Could the data below please be reproduced word for word, without the pictures?

----- THE RECORDS

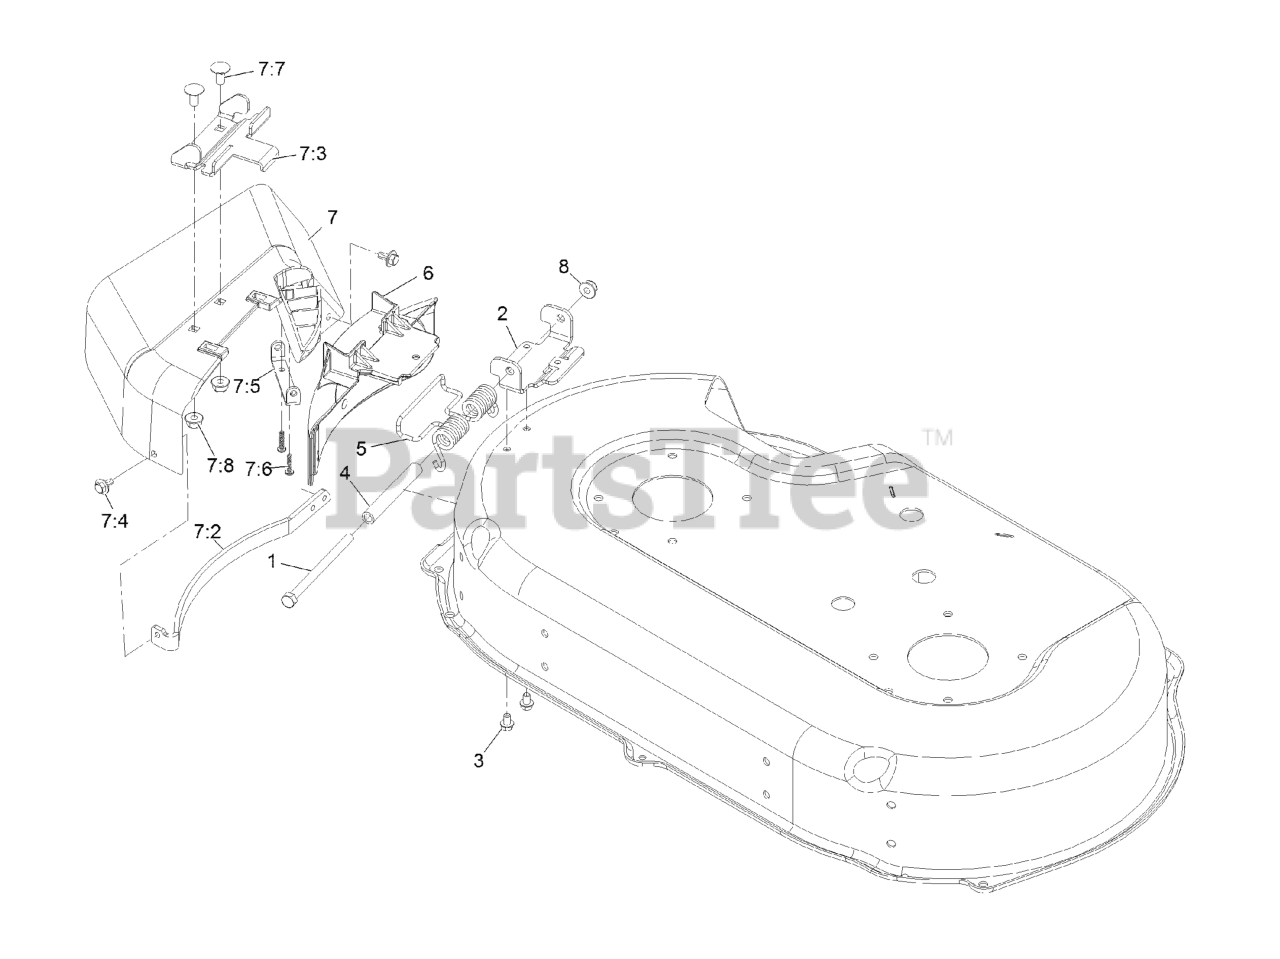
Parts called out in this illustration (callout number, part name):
1	SCREW-HH
3	SCREW-HWH
5	SPRING-TORSION
6	COVER-DISCHARGE
7	SIDE DISCHARGE CHUTE ASM
7:2	GUARD-CHUTE
7:3	BRACKET-CHUTE
7:4	SCREW-HHFTF
7:5	BRACKET-COVER
7:6	SCREW-PPH
7:7	SCREW-CARR
7:8	NUT-HF, NI
8	NUT-HF, NI

----------

— SOLVED PROBLEM —
Parts called out in this illustration (callout number, part name):
1	SCREW-HH
3	SCREW-HWH
5	SPRING-TORSION
6	COVER-DISCHARGE
7	SIDE DISCHARGE CHUTE ASM
7:2	GUARD-CHUTE
7:3	BRACKET-CHUTE
7:4	SCREW-HHFTF
7:5	BRACKET-COVER
7:6	SCREW-PPH
7:7	SCREW-CARR
7:8	NUT-HF, NI
8	NUT-HF, NI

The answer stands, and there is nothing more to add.